Berlin – winding down

Posted May 27th, 2008 by Megan Taylor

All of our works for this class was due today. After turning it in, Andrew Stanfill and I went in search of a gallery belonging to the artist from Rost Graphics. We each bought a large print, and then a medium-sized print of the Berlin wall. Nice work.

We also found an army surplus store, where I was able to find a jacket for Jon, and somehow ended up with one for myself.

This evening I'm planning on another shopping trip to Alexanderplatz, and fresh Chinese food for dinner.

Tomorrow is the last day in Berlin. I leave Thursday morning at around 6 a.m.

Berlin is a shit-hot sexy city

Posted May 26th, 2008 by Megan Taylor

Yes, there is a story behind the title.

On Friday I set out down Prenzlauer Allee toward Alexanderplatz to find a subject for my class project. I figured that if I walked all the way the the Brandenburg Gate and couldn't find a subject somewhere along the way, I need to go back to school.

I'm not sure how Germans view newspapers and journalists, but it can't be good. There was a guy in Alexanderplatz holding a sign and talking to people about the vegan lifestyle. He got all excited when he found out I was American, because his group gets all their statistics and facts from American vegan groups. After about 30 mins I tried to get him to be my subject, and he sorta freaked out. Time to move on.

My next attempt was down by St. Marienkirsch. A bunch of tough-looking punks were gathered around a black van with their dogs. I walked up and sorta hung around until someone spoke to me in English. Turns out the van is owned by a group that brings food to Berlin's homeless. The woman in charge didn't want to do an interview either.

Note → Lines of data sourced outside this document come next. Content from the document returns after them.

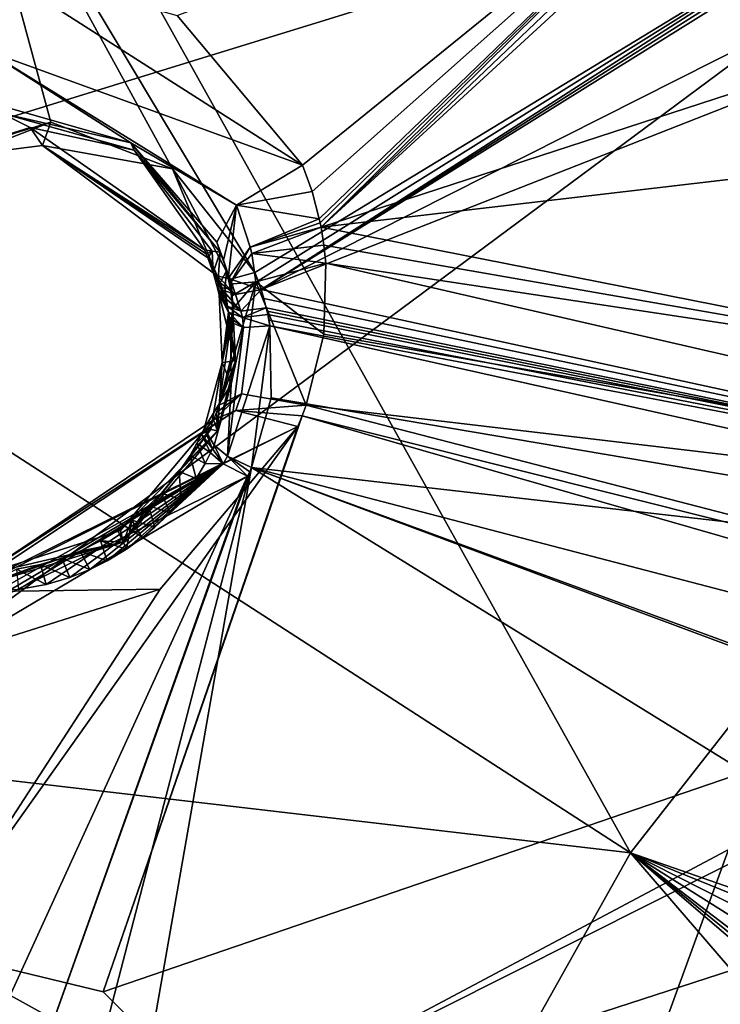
# Model space of a CAD drawing. Header units: millimetres. Extents: x -147 to 294, y -82 to 275.
# Tile 283 of 609: x 246.55 to 252.67, y 176.93 to 185.53. Entities that reach past the tile are written whole.
import ezdxf

# ---------------------------------------------------------------- set-up
doc = ezdxf.new("R2010")
doc.units = ezdxf.units.MM
doc.header["$LTSCALE"] = 67.506716
for name, color, linetype in [('1843', 7, 'CONTINUOUS'), ('1844', 7, 'CONTINUOUS'), ('1851', 7, 'CONTINUOUS'), ('1852', 7, 'CONTINUOUS'), ('1853', 7, 'CONTINUOUS'), ('1854', 7, 'CONTINUOUS'), ('1949', 7, 'CONTINUOUS'), ('2826', 7, 'CONTINUOUS'), ('2832', 7, 'CONTINUOUS'), ('2835', 7, 'CONTINUOUS'), ('3034', 7, 'CONTINUOUS'), ('3035', 7, 'CONTINUOUS'), ('3036', 7, 'CONTINUOUS'), ('3037', 7, 'CONTINUOUS'), ('3057', 7, 'CONTINUOUS'), ('3058', 7, 'CONTINUOUS'), ('3059', 7, 'CONTINUOUS'), ('3060', 7, 'CONTINUOUS'), ('3061', 7, 'CONTINUOUS'), ('3068', 7, 'CONTINUOUS'), ('3069', 7, 'CONTINUOUS'), ('3070', 7, 'CONTINUOUS'), ('3071', 7, 'CONTINUOUS'), ('3076', 7, 'CONTINUOUS'), ('3077', 7, 'CONTINUOUS'), ('3078', 7, 'CONTINUOUS'), ('3079', 7, 'CONTINUOUS'), ('3080', 7, 'CONTINUOUS'), ('3081', 7, 'CONTINUOUS'), ('3082', 7, 'CONTINUOUS'), ('3083', 7, 'CONTINUOUS'), ('3084', 7, 'CONTINUOUS'), ('3085', 7, 'CONTINUOUS'), ('3086', 7, 'CONTINUOUS'), ('3087', 7, 'CONTINUOUS'), ('3093', 7, 'CONTINUOUS'), ('3094', 7, 'CONTINUOUS'), ('751', 7, 'CONTINUOUS'), ('807', 7, 'CONTINUOUS')]:
    doc.layers.add(name, color=color, linetype=linetype)

msp = doc.modelspace()

# ---------------------------------------------------------------- linework, layer by layer
at = {"layer": '1843', "linetype": 'CONTINUOUS'}
for points in [[(247.2739, 177.0414, -23.8585), (248.3638, 175.9598, -24.4557), (245.7303, 177.4141, -23.4296), (247.2739, 177.0414, -23.8585)], [(245.7303, 177.4141, -23.4296), (248.3638, 175.9598, -24.4557), (245.7578, 176.6271, -23.3593), (245.7303, 177.4141, -23.4296)]]:
    msp.add_3dface(points, dxfattribs=at)
at = {"layer": '1844', "linetype": 'CONTINUOUS'}
for points in [[(249.0501, 182.1663, -22.5166), (261.893, 178.844, -26.6546), (249.0149, 182.0731, -22.54), (249.0501, 182.1663, -22.5166)], [(249.0149, 182.0731, -22.54), (247.2739, 177.0414, -23.8585), (248.9765, 181.9806, -22.5624), (249.0149, 182.0731, -22.54)], [(247.2739, 177.0414, -23.8585), (249.0149, 182.0731, -22.54), (256.0587, 180.0495, -24.7511), (247.2739, 177.0414, -23.8585)], [(249.0149, 182.0731, -22.54), (261.893, 178.844, -26.6546), (256.0587, 180.0495, -24.7511), (249.0149, 182.0731, -22.54)], [(247.2739, 177.0414, -23.8585), (245.7303, 177.4141, -23.4296), (248.9765, 181.9806, -22.5624), (247.2739, 177.0414, -23.8585)], [(248.9765, 181.9806, -22.5624), (245.7303, 177.4141, -23.4296), (247.7742, 180.5597, -22.7915), (248.9765, 181.9806, -22.5624)], [(247.7742, 180.5597, -22.7915), (245.7303, 177.4141, -23.4296), (246.0199, 180.0051, -22.641), (247.7742, 180.5597, -22.7915)], [(248.3638, 175.9598, -24.4557), (247.2739, 177.0414, -23.8585), (256.0587, 180.0495, -24.7511), (248.3638, 175.9598, -24.4557)], [(248.3638, 175.9598, -24.4557), (256.0587, 180.0495, -24.7511), (253.2979, 178.4376, -24.6823), (248.3638, 175.9598, -24.4557)], [(253.1707, 175.5614, -25.6999), (248.3638, 175.9598, -24.4557), (253.2979, 178.4376, -24.6823), (253.1707, 175.5614, -25.6999)]]:
    msp.add_3dface(points, dxfattribs=at)
at = {"layer": '1851', "linetype": 'CONTINUOUS'}
for points in [[(248.9765, 181.9806, -22.5624), (246.0875, 180.5599, -22.2086), (248.433, 182.1181, -22.1551), (248.9765, 181.9806, -22.5624)], [(246.0875, 180.5599, -22.2086), (246.2118, 180.6822, -21.4998), (248.433, 182.1181, -22.1551), (246.0875, 180.5599, -22.2086)], [(248.433, 182.1181, -22.1551), (246.2118, 180.6822, -21.4998), (248.2393, 182.038, -21.4716), (248.433, 182.1181, -22.1551)], [(248.2393, 182.038, -21.4716), (246.2118, 180.6822, -21.4998), (247.4256, 181.0705, -21.6315), (248.2393, 182.038, -21.4716)], [(248.9765, 181.9806, -22.5624), (247.7742, 180.5597, -22.7915), (246.0811, 180.5351, -22.2471), (248.9765, 181.9806, -22.5624)], [(248.9765, 181.9806, -22.5624), (246.0811, 180.5351, -22.2471), (246.0875, 180.5599, -22.2086), (248.9765, 181.9806, -22.5624)], [(247.7742, 180.5597, -22.7915), (246.0199, 180.0051, -22.641), (246.0811, 180.5351, -22.2471), (247.7742, 180.5597, -22.7915)]]:
    msp.add_3dface(points, dxfattribs=at)
at = {"layer": '1852', "linetype": 'CONTINUOUS'}
for points in [[(248.433, 182.1181, -22.1551), (248.2393, 182.038, -21.4716), (248.4837, 182.2656, -22.1081), (248.433, 182.1181, -22.1551)], [(248.4837, 182.2656, -22.1081), (248.2393, 182.038, -21.4716), (248.2654, 182.1009, -21.4549), (248.4837, 182.2656, -22.1081)], [(248.2898, 182.1647, -21.4374), (248.4837, 182.2656, -22.1081), (248.2654, 182.1009, -21.4549), (248.2898, 182.1647, -21.4374)], [(249.0501, 182.1663, -22.5166), (248.433, 182.1181, -22.1551), (248.4837, 182.2656, -22.1081), (249.0501, 182.1663, -22.5166)], [(249.0501, 182.1663, -22.5166), (249.0149, 182.0731, -22.54), (248.433, 182.1181, -22.1551), (249.0501, 182.1663, -22.5166)], [(249.0149, 182.0731, -22.54), (248.9765, 181.9806, -22.5624), (248.433, 182.1181, -22.1551), (249.0149, 182.0731, -22.54)]]:
    msp.add_3dface(points, dxfattribs=at)
at = {"layer": '1853', "linetype": 'CONTINUOUS'}
for points in [[(249.2207, 183.406, -22.1503), (249.2023, 182.7856, -22.3461), (248.6091, 183.2425, -21.8087), (249.2207, 183.406, -22.1503)], [(248.4837, 182.2656, -22.1081), (248.2898, 182.1647, -21.4374), (248.6091, 183.2425, -21.8087), (248.4837, 182.2656, -22.1081)], [(248.6091, 183.2425, -21.8087), (248.2898, 182.1647, -21.4374), (248.4072, 183.0085, -21.1591), (248.6091, 183.2425, -21.8087)], [(249.0501, 182.1663, -22.5166), (248.4837, 182.2656, -22.1081), (248.6091, 183.2425, -21.8087), (249.0501, 182.1663, -22.5166)], [(249.2023, 182.7856, -22.3461), (249.0501, 182.1663, -22.5166), (248.6091, 183.2425, -21.8087), (249.2023, 182.7856, -22.3461)], [(248.4072, 183.0085, -21.1591), (248.2898, 182.1647, -21.4374), (248.3933, 182.5822, -21.3099), (248.4072, 183.0085, -21.1591)]]:
    msp.add_3dface(points, dxfattribs=at)
at = {"layer": '1854', "linetype": 'CONTINUOUS'}
for points in [[(249.2023, 182.7856, -22.3461), (249.2207, 183.406, -22.1503), (260.5053, 180.8127, -25.5662), (249.2023, 182.7856, -22.3461)], [(249.0501, 182.1663, -22.5166), (249.2023, 182.7856, -22.3461), (260.5053, 180.8127, -25.5662), (249.0501, 182.1663, -22.5166)], [(261.893, 178.844, -26.6546), (249.0501, 182.1663, -22.5166), (260.5053, 180.8127, -25.5662), (261.893, 178.844, -26.6546)]]:
    msp.add_3dface(points, dxfattribs=at)
at = {"layer": '1949', "linetype": 'CONTINUOUS'}
for points in [[(247.9222, 185.5686, -21.2268), (252.9831, 187.4773, -21.6024), (249.0176, 184.2631, -21.8386), (247.9222, 185.5686, -21.2268)], [(249.0176, 184.2631, -21.8386), (252.9831, 187.4773, -21.6024), (249.1009, 184.0321, -21.9277), (249.0176, 184.2631, -21.8386)], [(249.1009, 184.0321, -21.9277), (252.9831, 187.4773, -21.6024), (249.1638, 183.794, -22.0155), (249.1009, 184.0321, -21.9277)], [(249.1638, 183.794, -22.0155), (252.9831, 187.4773, -21.6024), (249.1715, 183.7578, -22.0285), (249.1638, 183.794, -22.0155)], [(249.1715, 183.7578, -22.0285), (252.9831, 187.4773, -21.6024), (249.1787, 183.7214, -22.0415), (249.1715, 183.7578, -22.0285)], [(249.1787, 183.7214, -22.0415), (252.9831, 187.4773, -21.6024), (252.9802, 187.3451, -21.6434), (249.1787, 183.7214, -22.0415)], [(252.9833, 187.2128, -21.6857), (249.1787, 183.7214, -22.0415), (252.9802, 187.3451, -21.6434), (252.9833, 187.2128, -21.6857)], [(253.9011, 185.2579, -22.5014), (249.1787, 183.7214, -22.0415), (252.9833, 187.2128, -21.6857), (253.9011, 185.2579, -22.5014)], [(255.9725, 184.5147, -23.1982), (249.1787, 183.7214, -22.0415), (253.9011, 185.2579, -22.5014), (255.9725, 184.5147, -23.1982)], [(255.8713, 182.4011, -23.8876), (249.1787, 183.7214, -22.0415), (255.9725, 184.5147, -23.1982), (255.8713, 182.4011, -23.8876)]]:
    msp.add_3dface(points, dxfattribs=at)
at = {"layer": '2826', "linetype": 'CONTINUOUS'}
for points in [[(246.8186, 184.6384, -18.8789), (245.9897, 187.6749, -17.8169), (244.6975, 183.8167, -18.7769), (246.8186, 184.6384, -18.8789)], [(254.1326, 186.6917, -19.6291), (245.9897, 187.6749, -17.8169), (248.6009, 183.3247, -19.6073), (254.1326, 186.6917, -19.6291)], [(248.6009, 183.3247, -19.6073), (245.9897, 187.6749, -17.8169), (247.8817, 184.2314, -19.1919), (248.6009, 183.3247, -19.6073)], [(247.8817, 184.2314, -19.1919), (245.9897, 187.6749, -17.8169), (246.8186, 184.6384, -18.8789), (247.8817, 184.2314, -19.1919)], [(248.6295, 183.2515, -19.6358), (254.1326, 186.6917, -19.6291), (248.6009, 183.3247, -19.6073), (248.6295, 183.2515, -19.6358)], [(248.6554, 183.1772, -19.6641), (254.1326, 186.6917, -19.6291), (248.6295, 183.2515, -19.6358), (248.6554, 183.1772, -19.6641)], [(254.1326, 186.6917, -19.6291), (248.6554, 183.1772, -19.6641), (254.1352, 186.6413, -19.6455), (254.1326, 186.6917, -19.6291)], [(254.1352, 186.6413, -19.6455), (248.6554, 183.1772, -19.6641), (254.1391, 186.591, -19.6622), (254.1352, 186.6413, -19.6455)], [(254.1391, 186.591, -19.6622), (248.6554, 183.1772, -19.6641), (254.2742, 186.0111, -19.8743), (254.1391, 186.591, -19.6622)], [(254.2742, 186.0111, -19.8743), (248.6554, 183.1772, -19.6641), (254.5645, 185.4962, -20.1), (254.2742, 186.0111, -19.8743)], [(248.6554, 183.1772, -19.6641), (259.9856, 180.7178, -22.9592), (254.5645, 185.4962, -20.1), (248.6554, 183.1772, -19.6641)]]:
    msp.add_3dface(points, dxfattribs=at)
at = {"layer": '2832', "linetype": 'CONTINUOUS'}
for points in [[(248.7328, 182.8583, -19.7796), (248.7416, 182.2305, -19.9812), (260.2093, 180.2925, -23.1667), (248.7328, 182.8583, -19.7796)], [(248.7416, 182.2305, -19.9812), (248.5723, 181.6218, -20.1441), (260.2093, 180.2925, -23.1667), (248.7416, 182.2305, -19.9812)], [(248.5723, 181.6218, -20.1441), (262.9563, 177.8727, -24.7702), (260.2093, 180.2925, -23.1667), (248.5723, 181.6218, -20.1441)]]:
    msp.add_3dface(points, dxfattribs=at)
at = {"layer": '2835', "linetype": 'CONTINUOUS'}
for points in [[(247.0571, 175.8013, -21.7611), (248.5723, 181.6218, -20.1441), (246.5482, 175.9677, -21.604), (247.0571, 175.8013, -21.7611)], [(246.5482, 175.9677, -21.604), (248.5723, 181.6218, -20.1441), (248.5553, 181.5837, -20.1531), (246.5482, 175.9677, -21.604)], [(247.503, 175.5244, -21.9453), (248.5723, 181.6218, -20.1441), (247.0571, 175.8013, -21.7611), (247.503, 175.5244, -21.9453)], [(248.5723, 181.6218, -20.1441), (247.503, 175.5244, -21.9453), (254.6799, 177.8516, -22.7117), (248.5723, 181.6218, -20.1441)], [(262.9563, 177.8727, -24.7702), (248.5723, 181.6218, -20.1441), (257.8562, 178.1626, -23.3581), (262.9563, 177.8727, -24.7702)], [(257.8562, 178.1626, -23.3581), (248.5723, 181.6218, -20.1441), (256.7755, 178.6093, -22.9338), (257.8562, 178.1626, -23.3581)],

I actually did have to walk all the way to the Gate. The horse-drawn carriage drivers didn't speak enough English, the performance artists were, well, performing.

bad portraitsThen I saw a bright pink sign. It said "Bad Portraits." Not even thinking about my project, I started talking to Neb, the man behind the sign. About an hour later, he agreed to let me come back the next day and take photos.

I met up with Michelle and Robyn later to do sunset shots of the Brandenburg Gate and the Reichstag.

Most of Saturday I spent shooting. Neb was a great subject; acted like I wasn't there.
Neb Poulton

Yesterday I went to a huge flea market. It looked like 50 people had emptied their attics out onto tables. There was a guy selling only masking tape. Another table was filled with screwdrivers.

Hopefully today will be a shopping day. I still need to find a German army jacket. I finished my project and other work for the class this morning.